Starting with the opening line of the entries below, transcribe each line exactly up to and including the one that has "v4: diameter 10, hole"; pictures are not copied.
○ ○ ○ ○ ○
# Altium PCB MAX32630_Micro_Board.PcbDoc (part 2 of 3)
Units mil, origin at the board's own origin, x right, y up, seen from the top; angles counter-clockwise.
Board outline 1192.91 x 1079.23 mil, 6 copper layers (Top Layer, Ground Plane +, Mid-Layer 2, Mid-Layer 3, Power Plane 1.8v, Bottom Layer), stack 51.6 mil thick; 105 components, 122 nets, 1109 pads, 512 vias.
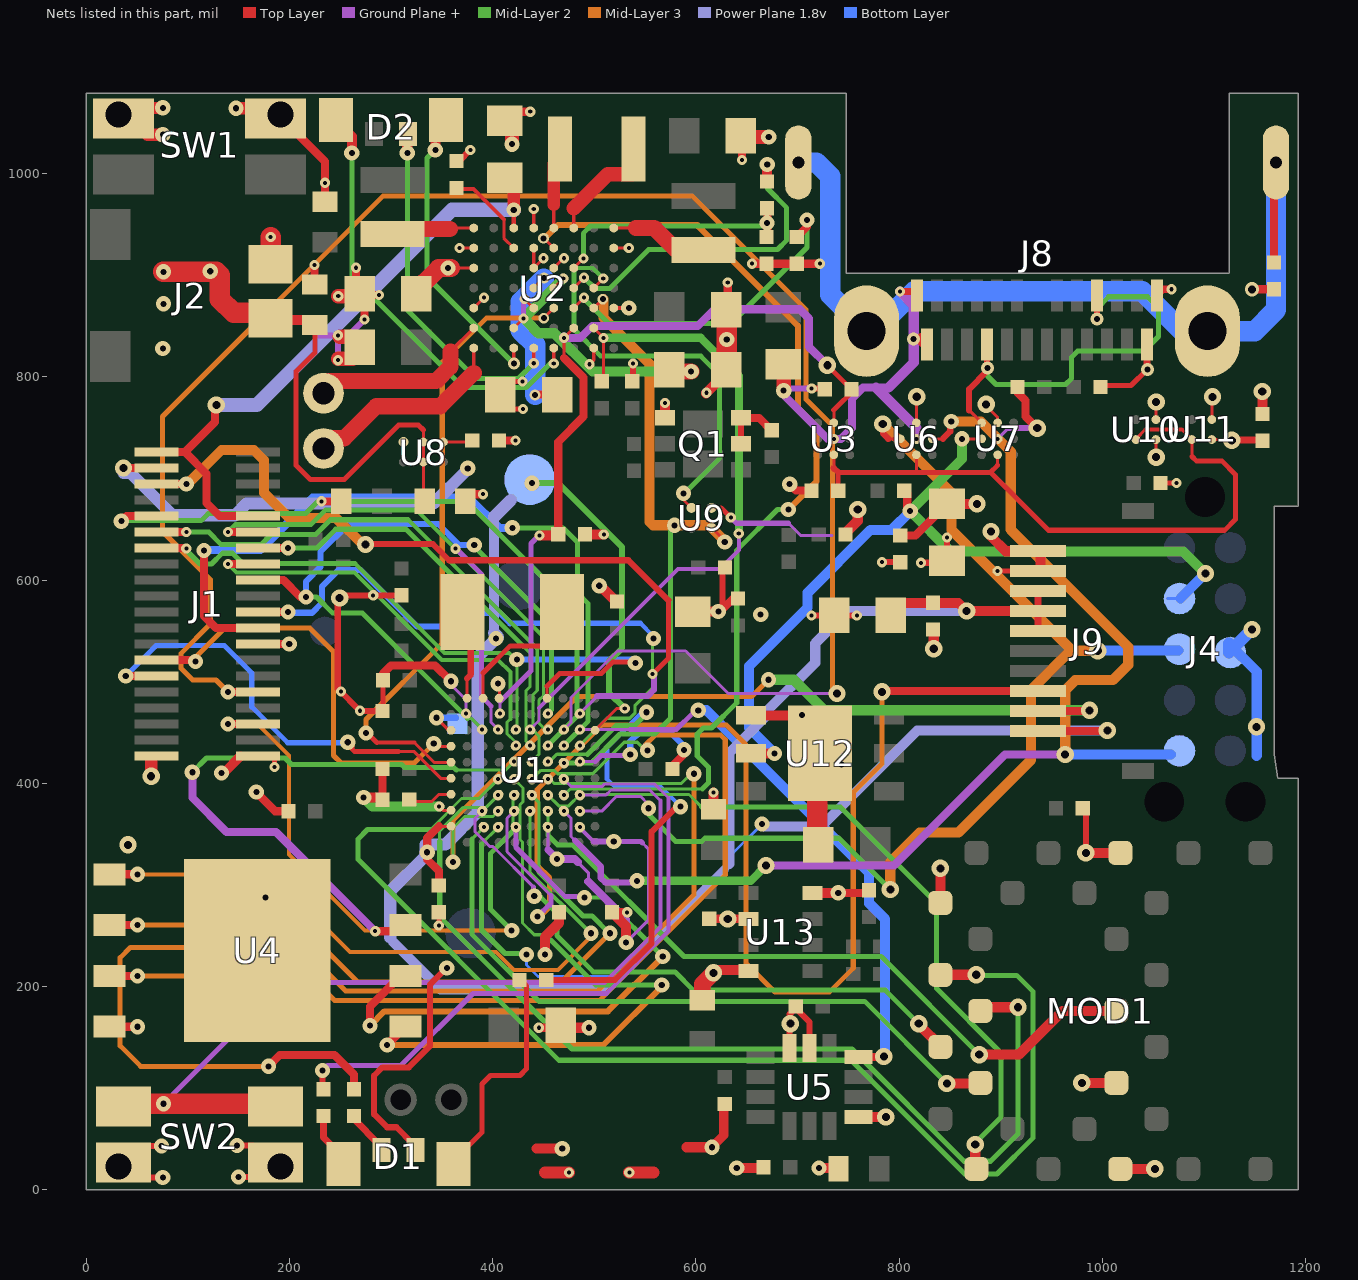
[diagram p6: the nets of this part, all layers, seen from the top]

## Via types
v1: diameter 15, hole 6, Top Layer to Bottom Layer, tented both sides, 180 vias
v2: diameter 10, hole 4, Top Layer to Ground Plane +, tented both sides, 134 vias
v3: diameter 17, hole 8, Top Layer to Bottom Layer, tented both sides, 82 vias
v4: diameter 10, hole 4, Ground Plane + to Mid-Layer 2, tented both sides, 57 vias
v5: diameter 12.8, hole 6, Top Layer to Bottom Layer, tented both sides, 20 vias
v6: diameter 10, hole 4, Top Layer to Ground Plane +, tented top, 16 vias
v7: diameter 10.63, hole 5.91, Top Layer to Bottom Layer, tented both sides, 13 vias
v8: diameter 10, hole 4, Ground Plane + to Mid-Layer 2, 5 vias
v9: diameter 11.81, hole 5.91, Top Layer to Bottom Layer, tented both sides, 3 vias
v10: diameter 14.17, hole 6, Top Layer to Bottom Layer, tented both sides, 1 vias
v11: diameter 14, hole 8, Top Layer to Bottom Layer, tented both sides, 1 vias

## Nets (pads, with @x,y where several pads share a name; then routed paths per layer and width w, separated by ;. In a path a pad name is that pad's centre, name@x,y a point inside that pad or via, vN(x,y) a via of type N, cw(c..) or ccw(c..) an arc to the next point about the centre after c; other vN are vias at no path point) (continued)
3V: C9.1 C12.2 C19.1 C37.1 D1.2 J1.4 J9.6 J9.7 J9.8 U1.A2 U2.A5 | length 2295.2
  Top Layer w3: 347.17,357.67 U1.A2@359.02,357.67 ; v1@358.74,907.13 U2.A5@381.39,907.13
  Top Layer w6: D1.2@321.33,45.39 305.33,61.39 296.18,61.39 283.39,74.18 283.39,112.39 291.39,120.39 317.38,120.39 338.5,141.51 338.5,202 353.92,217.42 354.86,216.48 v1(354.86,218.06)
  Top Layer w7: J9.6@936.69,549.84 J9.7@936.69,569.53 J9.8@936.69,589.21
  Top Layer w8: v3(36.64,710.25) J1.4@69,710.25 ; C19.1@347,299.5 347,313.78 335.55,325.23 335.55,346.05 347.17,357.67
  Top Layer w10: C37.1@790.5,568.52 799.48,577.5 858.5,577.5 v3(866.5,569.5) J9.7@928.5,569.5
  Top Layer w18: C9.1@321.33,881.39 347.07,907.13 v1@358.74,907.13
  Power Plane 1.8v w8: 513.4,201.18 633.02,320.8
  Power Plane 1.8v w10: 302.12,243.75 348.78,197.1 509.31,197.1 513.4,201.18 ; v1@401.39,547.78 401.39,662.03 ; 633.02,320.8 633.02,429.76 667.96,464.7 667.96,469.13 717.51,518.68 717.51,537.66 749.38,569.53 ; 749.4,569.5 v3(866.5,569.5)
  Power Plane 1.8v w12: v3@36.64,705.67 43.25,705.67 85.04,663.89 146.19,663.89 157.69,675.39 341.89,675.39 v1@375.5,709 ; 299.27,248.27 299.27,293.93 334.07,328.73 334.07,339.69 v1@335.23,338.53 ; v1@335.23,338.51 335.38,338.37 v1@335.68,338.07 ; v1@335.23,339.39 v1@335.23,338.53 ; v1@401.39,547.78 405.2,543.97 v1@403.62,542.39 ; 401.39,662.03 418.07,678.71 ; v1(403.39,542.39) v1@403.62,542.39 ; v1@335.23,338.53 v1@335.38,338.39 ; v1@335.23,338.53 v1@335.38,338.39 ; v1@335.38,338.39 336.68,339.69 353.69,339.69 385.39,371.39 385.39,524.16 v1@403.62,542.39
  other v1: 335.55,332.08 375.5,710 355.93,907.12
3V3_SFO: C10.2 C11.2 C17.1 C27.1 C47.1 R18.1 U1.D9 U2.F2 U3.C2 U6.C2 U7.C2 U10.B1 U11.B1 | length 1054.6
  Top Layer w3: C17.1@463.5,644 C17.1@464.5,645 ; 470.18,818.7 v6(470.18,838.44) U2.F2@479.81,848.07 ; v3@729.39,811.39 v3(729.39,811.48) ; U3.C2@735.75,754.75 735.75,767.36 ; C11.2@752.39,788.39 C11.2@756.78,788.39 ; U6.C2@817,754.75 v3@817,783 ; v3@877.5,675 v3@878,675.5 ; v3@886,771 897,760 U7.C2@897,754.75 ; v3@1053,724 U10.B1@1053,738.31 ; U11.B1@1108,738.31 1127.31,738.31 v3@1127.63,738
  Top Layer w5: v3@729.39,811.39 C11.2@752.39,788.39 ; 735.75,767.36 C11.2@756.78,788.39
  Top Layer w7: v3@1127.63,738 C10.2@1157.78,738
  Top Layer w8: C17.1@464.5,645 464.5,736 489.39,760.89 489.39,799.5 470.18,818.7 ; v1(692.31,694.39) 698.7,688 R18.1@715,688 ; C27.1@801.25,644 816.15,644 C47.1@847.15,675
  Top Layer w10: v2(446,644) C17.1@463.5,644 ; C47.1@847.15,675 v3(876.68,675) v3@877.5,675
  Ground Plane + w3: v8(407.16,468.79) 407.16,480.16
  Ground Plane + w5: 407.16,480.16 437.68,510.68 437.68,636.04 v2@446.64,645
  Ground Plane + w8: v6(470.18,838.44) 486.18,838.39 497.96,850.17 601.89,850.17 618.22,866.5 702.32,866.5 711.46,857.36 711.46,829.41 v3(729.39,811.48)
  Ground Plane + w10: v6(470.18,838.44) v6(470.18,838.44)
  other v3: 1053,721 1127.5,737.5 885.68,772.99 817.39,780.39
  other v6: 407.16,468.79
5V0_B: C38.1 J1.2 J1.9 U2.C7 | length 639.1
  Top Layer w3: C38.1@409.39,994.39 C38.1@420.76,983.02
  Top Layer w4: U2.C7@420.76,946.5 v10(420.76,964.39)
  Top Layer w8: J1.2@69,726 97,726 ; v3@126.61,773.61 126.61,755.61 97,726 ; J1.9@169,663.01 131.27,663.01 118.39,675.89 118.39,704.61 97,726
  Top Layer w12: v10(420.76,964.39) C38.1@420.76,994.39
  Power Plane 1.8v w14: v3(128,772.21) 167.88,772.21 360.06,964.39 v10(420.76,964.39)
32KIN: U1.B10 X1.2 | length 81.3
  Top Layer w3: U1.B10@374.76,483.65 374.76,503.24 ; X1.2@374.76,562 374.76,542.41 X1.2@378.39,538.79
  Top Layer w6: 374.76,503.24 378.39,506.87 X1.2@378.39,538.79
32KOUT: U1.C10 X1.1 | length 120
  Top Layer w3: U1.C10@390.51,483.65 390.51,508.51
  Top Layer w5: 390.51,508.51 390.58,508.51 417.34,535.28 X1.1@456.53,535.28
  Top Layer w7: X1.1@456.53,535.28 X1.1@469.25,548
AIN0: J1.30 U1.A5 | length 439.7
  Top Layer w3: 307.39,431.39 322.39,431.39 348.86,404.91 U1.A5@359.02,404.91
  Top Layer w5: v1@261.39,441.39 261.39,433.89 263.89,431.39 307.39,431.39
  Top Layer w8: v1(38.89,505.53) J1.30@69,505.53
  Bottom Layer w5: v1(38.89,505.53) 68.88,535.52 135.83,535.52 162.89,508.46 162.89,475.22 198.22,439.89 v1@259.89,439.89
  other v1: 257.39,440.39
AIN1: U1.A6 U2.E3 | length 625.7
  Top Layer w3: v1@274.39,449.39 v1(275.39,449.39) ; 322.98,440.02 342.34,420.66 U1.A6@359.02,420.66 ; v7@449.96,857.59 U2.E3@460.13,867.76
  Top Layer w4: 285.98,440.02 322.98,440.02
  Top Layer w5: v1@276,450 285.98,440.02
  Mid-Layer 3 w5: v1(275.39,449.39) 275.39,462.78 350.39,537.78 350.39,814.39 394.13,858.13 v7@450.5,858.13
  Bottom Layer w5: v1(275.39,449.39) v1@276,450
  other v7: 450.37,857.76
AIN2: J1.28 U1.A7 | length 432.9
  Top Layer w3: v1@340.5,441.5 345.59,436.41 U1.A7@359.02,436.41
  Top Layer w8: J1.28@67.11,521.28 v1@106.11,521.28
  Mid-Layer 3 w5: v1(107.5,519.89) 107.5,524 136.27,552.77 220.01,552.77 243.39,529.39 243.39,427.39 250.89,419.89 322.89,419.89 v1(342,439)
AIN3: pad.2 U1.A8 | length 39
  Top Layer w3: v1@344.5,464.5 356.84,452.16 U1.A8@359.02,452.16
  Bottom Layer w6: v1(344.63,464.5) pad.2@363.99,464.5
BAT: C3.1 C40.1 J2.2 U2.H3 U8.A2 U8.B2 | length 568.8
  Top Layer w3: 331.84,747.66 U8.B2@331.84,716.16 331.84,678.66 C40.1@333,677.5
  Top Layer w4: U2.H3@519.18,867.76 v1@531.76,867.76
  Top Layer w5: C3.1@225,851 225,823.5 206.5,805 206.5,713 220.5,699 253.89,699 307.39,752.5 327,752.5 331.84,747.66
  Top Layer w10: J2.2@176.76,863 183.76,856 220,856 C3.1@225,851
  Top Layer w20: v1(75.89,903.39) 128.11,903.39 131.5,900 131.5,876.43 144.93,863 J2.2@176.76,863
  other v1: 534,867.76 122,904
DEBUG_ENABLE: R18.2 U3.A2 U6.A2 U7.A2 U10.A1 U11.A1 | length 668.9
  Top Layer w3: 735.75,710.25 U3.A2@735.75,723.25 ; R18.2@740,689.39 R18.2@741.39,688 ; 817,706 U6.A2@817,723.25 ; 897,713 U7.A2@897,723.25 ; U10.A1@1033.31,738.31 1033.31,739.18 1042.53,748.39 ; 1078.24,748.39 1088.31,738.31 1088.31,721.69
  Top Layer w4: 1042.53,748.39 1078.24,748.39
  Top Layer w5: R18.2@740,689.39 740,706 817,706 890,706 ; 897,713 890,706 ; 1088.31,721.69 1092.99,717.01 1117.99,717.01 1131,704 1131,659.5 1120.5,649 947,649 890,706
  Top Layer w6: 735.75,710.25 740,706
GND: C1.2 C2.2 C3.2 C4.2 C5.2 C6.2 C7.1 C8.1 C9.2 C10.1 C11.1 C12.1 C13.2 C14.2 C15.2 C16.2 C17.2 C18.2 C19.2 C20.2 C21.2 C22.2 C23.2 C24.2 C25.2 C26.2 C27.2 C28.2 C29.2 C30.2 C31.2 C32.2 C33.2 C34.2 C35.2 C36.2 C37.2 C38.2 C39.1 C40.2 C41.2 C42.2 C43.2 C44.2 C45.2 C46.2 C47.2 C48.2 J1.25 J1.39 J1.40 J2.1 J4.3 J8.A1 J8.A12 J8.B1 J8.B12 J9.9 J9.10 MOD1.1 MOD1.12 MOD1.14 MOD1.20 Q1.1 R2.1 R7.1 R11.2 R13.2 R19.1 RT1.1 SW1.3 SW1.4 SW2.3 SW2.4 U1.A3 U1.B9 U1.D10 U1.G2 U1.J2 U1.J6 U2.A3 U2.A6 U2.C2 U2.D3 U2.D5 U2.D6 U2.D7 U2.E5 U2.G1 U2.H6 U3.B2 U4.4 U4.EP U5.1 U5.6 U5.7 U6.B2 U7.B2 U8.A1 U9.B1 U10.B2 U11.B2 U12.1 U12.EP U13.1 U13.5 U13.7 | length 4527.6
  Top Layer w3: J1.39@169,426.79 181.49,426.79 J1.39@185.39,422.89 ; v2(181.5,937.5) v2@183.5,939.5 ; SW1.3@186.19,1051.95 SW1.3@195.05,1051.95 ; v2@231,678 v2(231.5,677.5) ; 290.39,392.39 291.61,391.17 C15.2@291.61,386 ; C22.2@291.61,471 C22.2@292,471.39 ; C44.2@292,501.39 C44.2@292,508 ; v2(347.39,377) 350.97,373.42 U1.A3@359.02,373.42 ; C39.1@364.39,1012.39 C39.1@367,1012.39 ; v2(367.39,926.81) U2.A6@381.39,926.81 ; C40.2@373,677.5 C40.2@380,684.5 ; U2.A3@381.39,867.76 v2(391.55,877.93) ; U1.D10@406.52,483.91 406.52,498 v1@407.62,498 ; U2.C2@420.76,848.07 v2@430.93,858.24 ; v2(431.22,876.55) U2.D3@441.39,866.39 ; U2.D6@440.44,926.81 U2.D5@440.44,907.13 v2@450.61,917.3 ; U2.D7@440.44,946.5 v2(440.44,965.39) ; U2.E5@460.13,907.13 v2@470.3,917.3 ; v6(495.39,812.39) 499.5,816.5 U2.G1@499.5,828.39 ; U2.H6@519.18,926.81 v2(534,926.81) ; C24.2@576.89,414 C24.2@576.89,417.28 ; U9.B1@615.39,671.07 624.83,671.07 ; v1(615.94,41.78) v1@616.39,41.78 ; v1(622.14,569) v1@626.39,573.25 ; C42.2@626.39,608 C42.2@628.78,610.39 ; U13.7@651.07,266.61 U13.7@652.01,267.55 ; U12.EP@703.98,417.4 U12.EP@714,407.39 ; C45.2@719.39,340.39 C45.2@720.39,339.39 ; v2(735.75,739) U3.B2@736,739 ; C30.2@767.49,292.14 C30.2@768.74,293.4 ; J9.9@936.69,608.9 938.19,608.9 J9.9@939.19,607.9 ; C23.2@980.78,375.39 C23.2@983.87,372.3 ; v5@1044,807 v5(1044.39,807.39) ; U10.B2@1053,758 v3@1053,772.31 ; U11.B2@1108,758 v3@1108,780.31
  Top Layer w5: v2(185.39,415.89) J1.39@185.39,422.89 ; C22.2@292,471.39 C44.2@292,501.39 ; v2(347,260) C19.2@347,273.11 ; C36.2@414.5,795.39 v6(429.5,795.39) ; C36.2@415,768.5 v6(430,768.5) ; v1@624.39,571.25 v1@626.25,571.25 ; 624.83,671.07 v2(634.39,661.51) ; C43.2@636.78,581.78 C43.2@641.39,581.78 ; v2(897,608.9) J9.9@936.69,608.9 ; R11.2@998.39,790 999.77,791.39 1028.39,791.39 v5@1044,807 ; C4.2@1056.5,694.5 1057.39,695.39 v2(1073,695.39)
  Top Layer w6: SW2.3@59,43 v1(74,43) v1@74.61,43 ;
○ ○ ○ ○ ○
### WORKED SOLUTION
# Altium PCB MAX32630_Micro_Board.PcbDoc (part 2 of 3)
Units mil, origin at the board's own origin, x right, y up, seen from the top; angles counter-clockwise.
Board outline 1192.91 x 1079.23 mil, 6 copper layers (Top Layer, Ground Plane +, Mid-Layer 2, Mid-Layer 3, Power Plane 1.8v, Bottom Layer), stack 51.6 mil thick; 105 components, 122 nets, 1109 pads, 512 vias.
[diagram p6: the nets of this part, all layers, seen from the top]

## Via types
v1: diameter 15, hole 6, Top Layer to Bottom Layer, tented both sides, 180 vias
v2: diameter 10, hole 4, Top Layer to Ground Plane +, tented both sides, 134 vias
v3: diameter 17, hole 8, Top Layer to Bottom Layer, tented both sides, 82 vias
v4: diameter 10, hole 4, Ground Plane + to Mid-Layer 2, tented both sides, 57 vias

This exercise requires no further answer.